As the AIS head coach, Salzwedel created new pathways for domestic athletes to bridge the gap to the professional peloton.

Under his Canberra-based program, Australian cyclists such as Kathy Watt, Anna Wilson, Henk Vogels, Pat Jonker and Robbie McEwen broke through to international success.

Former cyclist Paul Brosnan — now the Australian Cycling Team’s Head of Operations — said Salzwedel “put Australian cycling on the map.”

“His ideas, and what he put in place within Australian cycling, he was completely passionate about it,” said Brosnan, who trained under Salzwedel in the mid-90s. “He had a real desire for Australian cycling to be prominent on the world stage.

“The fact that he effectively created the first Australian professional team, I think that was probably the biggest contribution in wanting to see Australian road cycling in Europe, performing on the world stage.

“You wouldn’t have to look far. There will be lots of former riders that will attribute their success or their pathway being forged due to Heiko’s vision and the support that he put in place.”

Heiko Salzwedel coaching with AIS. (Photo: Sport Australia)Salzwedel was head coach of the AIS road cycling program from 1991 to 1998. (Photo: Sport Australia)

Friends and former athletes of Salzwedel have paid tribute to his likable character and the far-reaching impact of his life.

“He was charismatic and colourful in a lot of ways. He was very East German but always wanted to be Australian,” Brosnan said. “He did genuinely care for those he coached.

“He was very much a likable character.

“He could be controversial and he could be pretty difficult at times, but it was always for his desire to be the world’s best, to lead and to be successful.”

As a mentor, Salzwedel shaped the careers of many cycling coaches who worked under him and came after him.

Like many, Graham Seers, AusCycling’s General Manager of Clubs for road, track and para-cycling, counted Salzwedel as a mentor and friend.

“He was a mate to many people.
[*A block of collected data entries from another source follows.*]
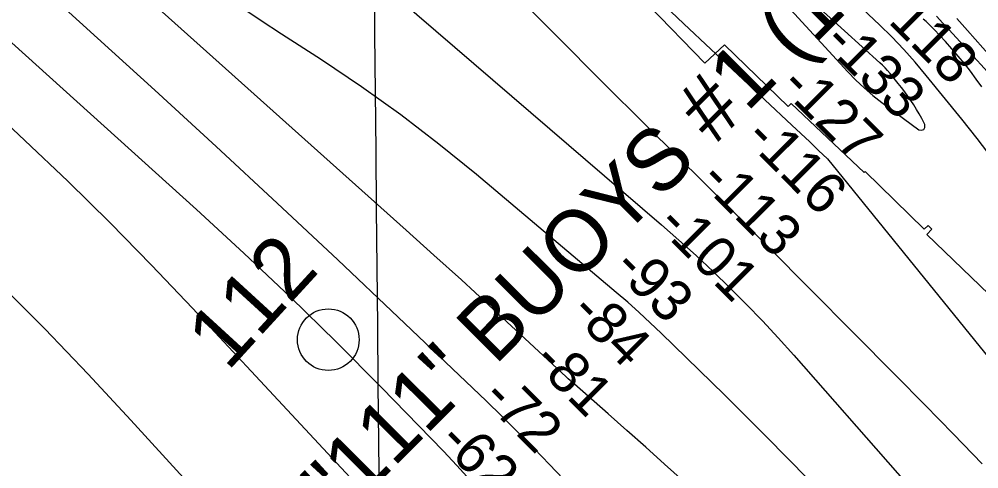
# Model space of a CAD drawing. Extents: x 3598634 to 3636690, y 517270 to 542944.
# Drawn here: x 3628569 to 3630127, y 532537 to 533267 of the extents above; entities that cross this region are included whole.
import ezdxf

# ---------------------------------------------------------------- set-up
doc = ezdxf.new("R2010")
doc.units = 0
for name, color, linetype in [('V-CHAN-NAID', 7, 'Continuous'), ('V-GRID-MAJR', 7, 'Continuous'), ('V-RIVR-IDEN', 7, 'Continuous'), ('V-RIVR-MILE', 7, 'Continuous'), ('V-RIVR-RANG', 7, 'Continuous'), ('V-RRAP-RVMT', 7, 'Continuous'), ('V-TOPO-DPTH', 7, 'Continuous'), ('V-TOPO-MAJR', 7, 'Continuous'), ('V-TOPO-MINR', 7, 'Continuous')]:
    doc.layers.add(name, color=color, linetype=linetype)

msp = doc.modelspace()

# ---------------------------------------------------------------- linework, layer by layer
at = {"layer": 'V-GRID-MAJR'}
msp.add_spline([(3629245.7830000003, 522922.64900000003), (3629187.62, 528981.4230000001), (3629129.438, 535042.13), (3629071.256, 541102.851), (3629071.238, 541104.769)], degree=3, dxfattribs=at)
at = {"layer": 'V-RIVR-MILE'}
msp.add_circle((3629071.0798192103, 532746.830480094), 49.99990000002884, dxfattribs=at)
at = {"layer": 'V-RRAP-RVMT'}
for p, q in [((3629591.0030000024, 533289.924), (3629682.152000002, 533195.8630000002)), ((3629682.152000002, 533195.8630000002), (3629714.2140000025, 533225.5560000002)), ((3629714.2140000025, 533225.5560000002), (3629817.4950000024, 533125.5000000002)), ((3629817.4950000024, 533125.5000000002), (3629822.3640000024, 533130.277)), ((3629822.3640000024, 533130.277), (3629940.8790000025, 533018.319)), ((3629940.8790000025, 533018.319), (3629942.6150000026, 533019.9980000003)), ((3629942.6150000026, 533019.9980000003), (3630038.5680000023, 532926.5580000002)), ((3630038.5680000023, 532926.5580000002), (3630044.7140000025, 532932.319)), ((3630050.928216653, 532926.1917863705), (3630042.840000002, 532917.8200000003)), ((3630044.7140000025, 532932.319), (3630050.928216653, 532926.1917863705)), ((3630042.840000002, 532917.8200000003), (3630143.534000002, 532820.5640000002))]:
    msp.add_line(p, q, dxfattribs=at)
at = {"layer": 'V-TOPO-DPTH'}
msp.add_lwpolyline([(3628539.116756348, 532836.7056534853), (3628610.9118575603, 532764.495180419), (3628681.2677829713, 532690.8817798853), (3628750.664257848, 532616.333094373), (3629018.4991763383, 532322.8576840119)], dxfattribs=at)
msp.add_lwpolyline([(3628539.116756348, 532836.7056534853), (3628610.9118575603, 532764.495180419), (3628681.2677829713, 532690.8817798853), (3628750.664257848, 532616.333094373), (3629018.4991763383, 532322.8576840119)], dxfattribs=at)
at = {"layer": 'V-TOPO-MAJR'}
for points in [[(3629064.5185727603, 533404.6331513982), (3629611.8210991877, 532933.4621163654), (3629640.1976250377, 532908.5452514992), (3629668.2408092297, 532883.2657988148), (3629695.783980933, 532857.4424644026), (3629722.993810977, 532831.2565421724), (3629749.6491249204, 532804.5104766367), (3629775.8991825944, 532777.3808992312), (3629801.541355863, 532749.6760540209), (3629826.7782728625, 532721.5876969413), (3630163.2753791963, 532338.6136792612)], [(3630140.8541935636, 533181.7934820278), (3630113.687495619, 533212.1983301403), (3630079.136982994, 533249.96812885), (3630068.7376716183, 533261.0365325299), (3630058.147641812, 533271.9142467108)], [(3628449.5606228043, 533191.3665915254), (3628578.751449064, 533070.5070498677), (3628648.335733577, 533004.0450485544), (3628716.979391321, 532936.6447118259), (3628784.2121089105, 532867.8368719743), (3628850.504199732, 532798.0906967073), (3629187.043287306, 532436.5894840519)]]:
    msp.add_lwpolyline(points, dxfattribs=at)
at = {"layer": 'V-TOPO-MINR'}
for points in [[(3630148.6488846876, 533041.4609439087), (3630124.2033973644, 533073.3068621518), (3630099.289318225, 533104.8011640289), (3630041.8124429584, 533175.8462866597), (3630023.7454922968, 533197.2765134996), (3630005.124866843, 533218.1934079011), (3629985.673729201, 533238.3403036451), (3629965.668916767, 533257.973866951), (3629324.8444629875, 533861.9416742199)], [(3630137.231785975, 532038.8173767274), (3630059.5650404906, 532139.8499037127), (3630051.369131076, 532149.9285935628), (3630042.826423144, 532159.6865220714), (3630033.7635174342, 532168.9633085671), (3630024.353813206, 532177.9193337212), (3629647.352207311, 532517.5849337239), (3629616.937789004, 532544.8862040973), (3629586.4568038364, 532572.1126743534), (3629555.8759683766, 532599.226944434), (3629525.228566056, 532626.2664143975), (3629470.532602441, 532674.3449074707), (3629467.1958121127, 532677.3029174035), (3629463.875761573, 532680.2794421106), (3629460.580820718, 532683.2837389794), (3629457.302619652, 532686.3065506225), (3629375.633272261, 532762.2503133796), (3629331.4191737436, 532803.1342202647), (3629287.0533787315, 532843.851906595), (3629242.4600389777, 532884.3202620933), (3629197.7150027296, 532924.6223970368), (3628636.686334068, 533427.1034857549)], [(3628574.226303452, 533347.9895165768), (3628789.54094217, 533151.8123833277), (3628889.053470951, 533060.5132044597), (3628988.14157594, 532968.7588444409), (3629086.5930452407, 532876.3217126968), (3629184.6200907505, 532783.4293998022), (3629327.263156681, 532647.3192371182), (3629353.464124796, 532621.9546185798), (3629379.4169573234, 532596.3421683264), (3629404.9975864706, 532570.3579705), (3629430.330080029, 532544.1259409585), (3629606.2794527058, 532359.2785131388)], [(3629759.7678561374, 533350.8923956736), (3629914.216927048, 533181.8755392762), (3629927.2053008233, 533168.4642583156), (3629940.675444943, 533155.5870632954), (3629954.868244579, 533143.5109971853), (3629969.542814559, 533131.969017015), (3630029.4429117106, 533087.6044999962), (3630034.2443993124, 533086.9512597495), (3630037.7198787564, 533087.8683918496), (3630039.206345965, 533091.1410824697), (3630039.366805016, 533095.9841454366), (3630034.391396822, 533105.7996656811), (3630030.348388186, 533113.3965601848), (3630026.109083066, 533120.8769862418)], [(3629575.7443597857, 533328.9240260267), (3629648.097146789, 533259.8093075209), (3629823.2855019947, 533095.4354507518), (3629837.9016155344, 533081.68860861), (3629852.4956861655, 533067.9184606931), (3629867.056692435, 533054.1133541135), (3629881.5956557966, 533040.2849417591), (3630226.833703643, 532614.738677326)], [(3629370.046437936, 533312.100211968), (3629442.3463141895, 533238.929836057), (3629515.036512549, 533166.147207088), (3629587.986925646, 533093.6230760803), (3629682.846651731, 532999.82073647), (3629708.52382578, 532974.353067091), (3629734.149600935, 532948.8339394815), (3629759.6982777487, 532923.2376245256), (3629785.1955556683, 532897.5898513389), (3629992.2709596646, 532688.6628783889), (3630039.2576677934, 532641.0170916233), (3630086.083771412, 532593.2147693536), (3630132.6689682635, 532545.1776438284)], [(3630026.109083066, 533120.8769862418), (3630021.575333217, 533128.1827096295), (3630016.8452868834, 533135.3719645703), (3630011.8805518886, 533142.4083024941), (3630006.800087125, 533149.3577755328), (3630001.5460277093, 533156.1769512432), (3629996.176238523, 533162.9092620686), (3629982.936549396, 533179.0856420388), (3629979.0110022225, 533183.6733319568), (3629974.957854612, 533188.1400444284), (3629970.7133063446, 533192.42529073), (3629966.3411576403, 533196.5895595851), (3629851.839220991, 533300.9658194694)], [(3630133.328913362, 532212.9269606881), (3630123.8854257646, 532224.5196970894), (3630114.2827013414, 532235.976084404), (3630104.441121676, 532247.2279480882), (3630094.4403051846, 532258.343462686), (3629982.286968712, 532380.3905538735), (3629916.5131082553, 532450.8224660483), (3629849.998266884, 532520.5359354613), (3629782.3719541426, 532589.1717407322), (3629714.004660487, 532657.0891032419), (3629611.4987403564, 532757.2970021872), (3629593.6452690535, 532774.3696972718), (3629575.547978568, 532791.17394224), (3629557.084959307, 532807.575512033), (3629538.378120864, 532823.7086317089), (3629311.4443636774, 533015.1022464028), (3629250.6885498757, 533064.3859513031), (3629188.7479647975, 533112.0681850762), (3629125.0302228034, 533157.3482121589), (3629060.127709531, 533201.0267681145), (3628995.0228706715, 533243.0551986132), (3628961.9178658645, 533264.7168234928), (3628928.995033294, 533286.6482945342)], [(3628512.465809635, 533269.0901897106), (3628857.237767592, 532958.0507994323), (3628933.881830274, 532887.5567328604), (3629009.600387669, 532816.1006569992), (3629083.9306871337, 532743.2015672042), (3629157.3354813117, 532669.3404681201), (3629258.0797106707, 532566.0008706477), (3629279.9547037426, 532542.6901280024), (3629301.214479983, 532518.851402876)], [(3630132.034250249, 533157.3466040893), (3630122.7466418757, 533170.057042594), (3630113.3468572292, 533182.6866412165), (3630103.670277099, 533195.0934517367), (3630093.7374636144, 533207.2845938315), (3630083.4203000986, 533219.1522332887), (3630072.8469032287, 533230.8042043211), (3630054.550039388, 533250.3311848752), (3630050.284796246, 533254.7605818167), (3630045.9415988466, 533259.1099843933), (3630041.4814700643, 533263.339395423), (3630036.943387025, 533267.488812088)], [(3630091.1837227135, 533268.5040258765), (3630108.826237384, 533248.9481962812), (3630158.5726472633, 533192.3600275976)], [(3628539.116756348, 532836.7056534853), (3628610.9118575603, 532764.495180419), (3628681.2677829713, 532690.8817798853), (3628750.664257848, 532616.333094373), (3629018.4991763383, 532322.8576840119)]]:
    msp.add_lwpolyline(points, dxfattribs=at)

# ---------------------------------------------------------------- texts
at = {"layer": 'V-CHAN-NAID'}
for s, height, rotation, p in [('EAST JEFFERSON DISCHARGE ', 100.000002, 51.43515805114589, (3627817.70199417, 532781.2963575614)), ('MILE "111" BUOYS #1 (111.9)', 100.00000199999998, 45.15485308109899, (3628845.0704993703, 532204.5266787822))]:
    msp.add_text(s, height=height, rotation=rotation, dxfattribs=at).set_placement(p)
at = {"layer": 'V-RIVR-IDEN'}
msp.add_text('112', height=99.9998019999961, rotation=47.5029051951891, dxfattribs=at).set_placement((3628907.591331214, 532694.075782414))
at = {"layer": 'V-RIVR-RANG'}
for s, p in [('-118', (3629957.084431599, 533283.6638571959)), ('-133', (3629871.984789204, 533227.3632923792)), ('-127', (3629801.7953493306, 533156.1306905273)), ('-116', (3629744.6542116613, 533071.8325562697)), ('-113', (3629671.4825312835, 533003.5863618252)), ('-101', (3629602.226041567, 532931.4205076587)), ('-93', (3629530.731871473, 532861.4944590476)), ('-84', (3629461.474381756, 532789.3286048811)), ('-81', (3629400.232663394, 532709.1357808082)), ('-72', (3629317.927871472, 532650.0354590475)), ('-62', (3629247.366651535, 532579.1761581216))]:
    msp.add_text(s, height=67.00000000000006, rotation=314.96000000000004, dxfattribs=at).set_placement(p)

doc.saveas('drawing.dxf')

He’s just mentored so many people,” Seers said. “There’s nobody that I know that didn’t like him because he was just so passionate about bikes. Everything he did was just about helping people.

“He touched so many people’s lives,” Seers said.

After leaving the AIS program, Salzwedel shaped high-performance programs for the German, British and Danish cycling federations and founded Russia’s RusVelo professional team. He had a major influence on the careers of overseas riders such as Mark Cavendish, Brad Wiggins and Jens Voigt.

AusCycling extends its deepest condolences to the family and friends of Heiko Salzwedel.